Three-Dimensional Bioprinted Autologous Minimally Manipulated Homologous Adipose Tissue for Skin Defects After Wide Excision of Skin Cancer Provides Early Wound Closure and Good Esthetic Patient Satisfaction

Abstract

Background: An autologous minimally manipulated homologous adipose tissue (AMHAT) fabricated using three-dimensional (3D) bioprinting has shown potential in the treatment of diabetic foot ulcers and other chronic wounds. Methods: This study assessed the efficacy of AMHAT fabricated using 3D bioprinting for treating skin defects after a wide excision of skin cancer lesions where primary closure was not feasible. A total of 10 consecutive patients were included. The wounds were photographed and analyzed using AI, and the fat tissue harvested from the lower abdomen was processed into an AMHAT patch using a 3D bioprinter. The wound area was measured weekly until complete wound closure was achieved. Results: The area of the skin defects ranged from 1.77–6.22 cm², averaging 2.72 cm². Complete closure was achieved in 3–5 (average, 4.2) weeks. The residual area decreased from 52% after 1 week to 3% after 4 weeks. The scar appearance was esthetically favorable, with one patient showing mild nostril asymmetry. Furthermore, patient-reported outcome evaluation using the Japanese version of SCAR-Q for postoperative scars showed a very high level of satisfaction. Conclusions: The 3D bioprinted AMHAT accelerates wound healing with minimal scarring, offering an important option for skin defects where esthetics are a priority.

1. Introduction

Skin cancer is one of the most common malignancies affecting the elderly, and its incidence is expected to increase significantly as the elderly population increases [1]. The principal treatment for non-melanoma skin cancer is complete resection with a safety margin.

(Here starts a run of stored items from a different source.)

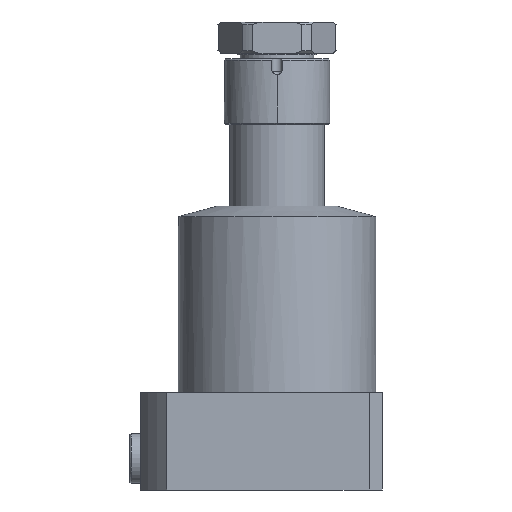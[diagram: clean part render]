
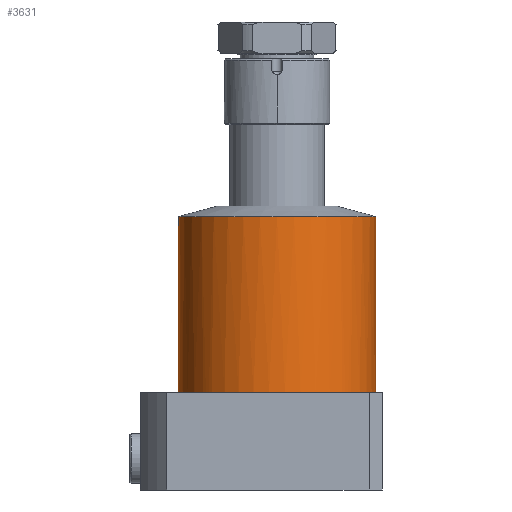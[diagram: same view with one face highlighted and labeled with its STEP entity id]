
A CAD part, front view. The second image highlights one B-rep face of the part: STEP entity #3631.
In plain terms, the highlighted cylindrical face has radius 37.5 mm (diameter 75 mm), a partial arc.
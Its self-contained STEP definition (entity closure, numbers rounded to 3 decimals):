
#64 = EDGE_CURVE ( 'NONE', #6333, #13537, #6175, .T. ) ;
#200 = CARTESIAN_POINT ( 'NONE',  ( 0., 0., 37. ) ) ;
#449 = CARTESIAN_POINT ( 'NONE',  ( 0., 0., 37. ) ) ;
#812 = CARTESIAN_POINT ( 'NONE',  ( 37.5, 0., 108. ) ) ;
#1228 = ORIENTED_EDGE ( 'NONE', *, *, #1648, .F. ) ;
#1558 = CARTESIAN_POINT ( 'NONE',  ( 0., 0., 108. ) ) ;
#1559 = DIRECTION ( 'NONE',  ( -1., 0., 0. ) ) ;
#1648 = EDGE_CURVE ( 'NONE', #10070, #13523, #9202, .T. ) ;
#1807 = DIRECTION ( 'NONE',  ( -1., 0., 0. ) ) ;
#1866 = AXIS2_PLACEMENT_3D ( 'NONE', #200, #9582, #1559 ) ;
#2136 = CARTESIAN_POINT ( 'NONE',  ( -24.801, -28.128, 37. ) ) ;
#2443 = AXIS2_PLACEMENT_3D ( 'NONE', #449, #9825, #1807 ) ;
#2725 = ORIENTED_EDGE ( 'NONE', *, *, #15314, .F. ) ;
#3631 = ADVANCED_FACE ( 'NONE', ( #4169 ), #8132, .T. ) ;
#3904 = CARTESIAN_POINT ( 'NONE',  ( 0., 0., 37. ) ) ;
#4169 = FACE_OUTER_BOUND ( 'NONE', #15675, .T. ) ;
#4246 = CARTESIAN_POINT ( 'NONE',  ( 28.128, -24.801, 37. ) ) ;
#4648 = ORIENTED_EDGE ( 'NONE', *, *, #15375, .F. ) ;
#4957 = AXIS2_PLACEMENT_3D ( 'NONE', #1558, #16333, #6942 ) ;
#5163 = CARTESIAN_POINT ( 'NONE',  ( -37.5, 0., 103.981 ) ) ;
#5238 = DIRECTION ( 'NONE',  ( -1., 0., 0. ) ) ;
#5484 = CARTESIAN_POINT ( 'NONE',  ( 0., 0., 37. ) ) ;
#5487 = CIRCLE ( 'NONE', #2443, 37.5 ) ;
#5841 = VECTOR ( 'NONE', #17307, 1000. ) ;
#6085 = CARTESIAN_POINT ( 'NONE',  ( 0., 0., 37. ) ) ;
#6175 = CIRCLE ( 'NONE', #14153, 37.5 ) ;
#6333 = VERTEX_POINT ( 'NONE', #4246 ) ;
#6346 = AXIS2_PLACEMENT_3D ( 'NONE', #15055, #6995, #16399 ) ;
#6825 = DIRECTION ( 'NONE',  ( -1., 0., 0. ) ) ;
#6942 = DIRECTION ( 'NONE',  ( -1., 0., 0. ) ) ;
#6987 = ORIENTED_EDGE ( 'NONE', *, *, #14816, .F. ) ;
#6995 = DIRECTION ( 'NONE',  ( 0., 0., 1. ) ) ;
#7096 = ORIENTED_EDGE ( 'NONE', *, *, #13726, .F. ) ;
#7338 = CARTESIAN_POINT ( 'NONE',  ( 24.801, -28.128, 37. ) ) ;
#7420 = DIRECTION ( 'NONE',  ( -1., 0., 0. ) ) ;
#7655 = VERTEX_POINT ( 'NONE', #5163 ) ;
#8132 = CYLINDRICAL_SURFACE ( 'NONE', #4957, 37.5 ) ;
#8136 = CARTESIAN_POINT ( 'NONE',  ( -28.128, -24.801, 37. ) ) ;
#8640 = DIRECTION ( 'NONE',  ( 0., 0., -1. ) ) ;
#9115 = VERTEX_POINT ( 'NONE', #8136 ) ;
#9202 = LINE ( 'NONE', #812, #10040 ) ;
#9422 = LINE ( 'NONE', #15964, #5841 ) ;
#9506 = EDGE_CURVE ( 'NONE', #7655, #12430, #9422, .T. ) ;
#9582 = DIRECTION ( 'NONE',  ( 0., 0., -1. ) ) ;
#9825 = DIRECTION ( 'NONE',  ( 0., 0., -1. ) ) ;
#10040 = VECTOR ( 'NONE', #8640, 1000. ) ;
#10070 = VERTEX_POINT ( 'NONE', #14423 ) ;
#10171 = ORIENTED_EDGE ( 'NONE', *, *, #10309, .F. ) ;
#10309 = EDGE_CURVE ( 'NONE', #13523, #6333, #10678, .T. ) ;
#10678 = CIRCLE ( 'NONE', #13879, 37.5 ) ;
#11136 = CIRCLE ( 'NONE', #6346, 37.5 ) ;
#11511 = AXIS2_PLACEMENT_3D ( 'NONE', #3904, #13319, #5238 ) ;
#12430 = VERTEX_POINT ( 'NONE', #16311 ) ;
#13319 = DIRECTION ( 'NONE',  ( 0., 0., -1. ) ) ;
#13523 = VERTEX_POINT ( 'NONE', #15233 ) ;
#13537 = VERTEX_POINT ( 'NONE', #7338 ) ;
#13726 = EDGE_CURVE ( 'NONE', #14308, #9115, #15631, .T. ) ;
#13865 = ORIENTED_EDGE ( 'NONE', *, *, #9506, .T. ) ;
#13879 = AXIS2_PLACEMENT_3D ( 'NONE', #5484, #14876, #6825 ) ;
#14153 = AXIS2_PLACEMENT_3D ( 'NONE', #6085, #15492, #7420 ) ;
#14264 = ORIENTED_EDGE ( 'NONE', *, *, #64, .F. ) ;
#14308 = VERTEX_POINT ( 'NONE', #2136 ) ;
#14423 = CARTESIAN_POINT ( 'NONE',  ( 37.5, 0., 103.981 ) ) ;
#14816 = EDGE_CURVE ( 'NONE', #13537, #14308, #5487, .T. ) ;
#14876 = DIRECTION ( 'NONE',  ( 0., 0., -1. ) ) ;
#15055 = CARTESIAN_POINT ( 'NONE',  ( 0., 0., 103.981 ) ) ;
#15138 = CIRCLE ( 'NONE', #1866, 37.5 ) ;
#15233 = CARTESIAN_POINT ( 'NONE',  ( 37.5, 0., 37. ) ) ;
#15314 = EDGE_CURVE ( 'NONE', #9115, #12430, #15138, .T. ) ;
#15375 = EDGE_CURVE ( 'NONE', #7655, #10070, #11136, .T. ) ;
#15492 = DIRECTION ( 'NONE',  ( 0., 0., -1. ) ) ;
#15631 = CIRCLE ( 'NONE', #11511, 37.5 ) ;
#15675 = EDGE_LOOP ( 'NONE', ( #1228, #4648, #13865, #2725, #7096, #6987, #14264, #10171 ) ) ;
#15964 = CARTESIAN_POINT ( 'NONE',  ( -37.5, 0., 108. ) ) ;
#16311 = CARTESIAN_POINT ( 'NONE',  ( -37.5, 0., 37. ) ) ;
#16333 = DIRECTION ( 'NONE',  ( 0., 0., -1. ) ) ;
#16399 = DIRECTION ( 'NONE',  ( -1., 0., 0. ) ) ;
#17307 = DIRECTION ( 'NONE',  ( 0., 0., -1. ) ) ;

Complete radical resection provides a safety margin of 2–5 mm for basal cell carcinoma (BCC) lesions measuring less than 2 cm and 4–6 mm for squamous cell carcinoma (SCC) [2,3]. Mohs micrographic surgery with intraoperative frozen sections to confirm the resection margins can also be performed, although this technique does not guarantee a complete cure without recurrence. After a wide excision with a safety margin, skin defects need to be reconstructed using a skin graft or flap if primary closure is not possible.

If residual disease is observed in the permanent pathological specimen, re-excision is necessary. The skin or flap graft must be removed, and the donor site area must be re-excised. Consequently, the resulting donor morbidity is very high. To avoid these situations, a two-stage reconstruction is recommended [2]. Recently, an artificial dermis (dermal regeneration template) has been used after a wide excision of skin cancer lesions. After confirming that the resected specimen has no residual disease, final wound closure with skin grafts is performed.

Even if the resection results in the exposure of cartilage and bone, the wound bed can be grafted after 2–3 weeks using an artificial dermis. However, the use of an artificial dermis has the disadvantage of a relatively long treatment period, as it takes 2–3 weeks before the graft can be placed on the artificial dermis and 1–2 weeks for the wound to stabilize after grafting. This prolonged period increases the risk of infection.

Because the face is a common area for the development of non-melanoma skin cancers [4], cosmetic appearance after treatment is also a significant issue for patients.

Skin graft of flaps leave a residual scar bordering the healthy skin, which is problematic in terms of reduced tissue malleability, length, color, thickness, and bulging.

Autologous fat grafting has been increasingly investigated in various fields. Mojallal et al. demonstrated that autologous fat grafting stimulates the neosynthesis of collagen fibers and improves angiogenesis and the thickness of the dermis and subcutaneous tissue [5]. Adipose tissue is rich in various growth factors (e.g., insulin-like growth factor, hepatocyte growth factor, transforming growth factor β1, and vascular endothelial growth factor), which in turn stimulate angiogenesis and epithelialization [5]. Adipose-derived stem cells are multipotent progenitor cells that can differentiate into different cell lineages such as fibroblasts, keratinocytes, and endothelial cells and are essential for tissue regeneration [6]. Several clinical trials have shown that growth factors, anti-inflammatory cytokines, angiogenic factors, and healing-related peptides in autologous fat grafts positively affect wound healing. In addition, studies have reported that the adipose tissue improves the healing rates of patients with diabetic foot ulcers (DFUs) [7]. Furthermore, autologous minimally manipulated homologous adipose tissue (AMHAT), fabricated using three-dimensional (3D) bioprinting technology, has been reported to be effective in the treatment of DFUs [8,9,10,11,12,13,14].

There are already 3D bioprinters that are capable of building human tissue with living cells, rather than creating inorganic prostheses [15]. Therefore, 3D printing technology has attracted significant attention, especially in plastic and reconstructive surgery and other fields, due to its incredible ability to create complex constructs with high precision to fit the defect or shape. Moreover, 3D bioprinted AMHAT can be engineered to match the exact size and depth of ulcer wounds using computer scanning technology [13]. As a result, it allows precise layering of cells, scaffolds, and biologic factors, enabling greater spatial control in tissue reconstruction [16].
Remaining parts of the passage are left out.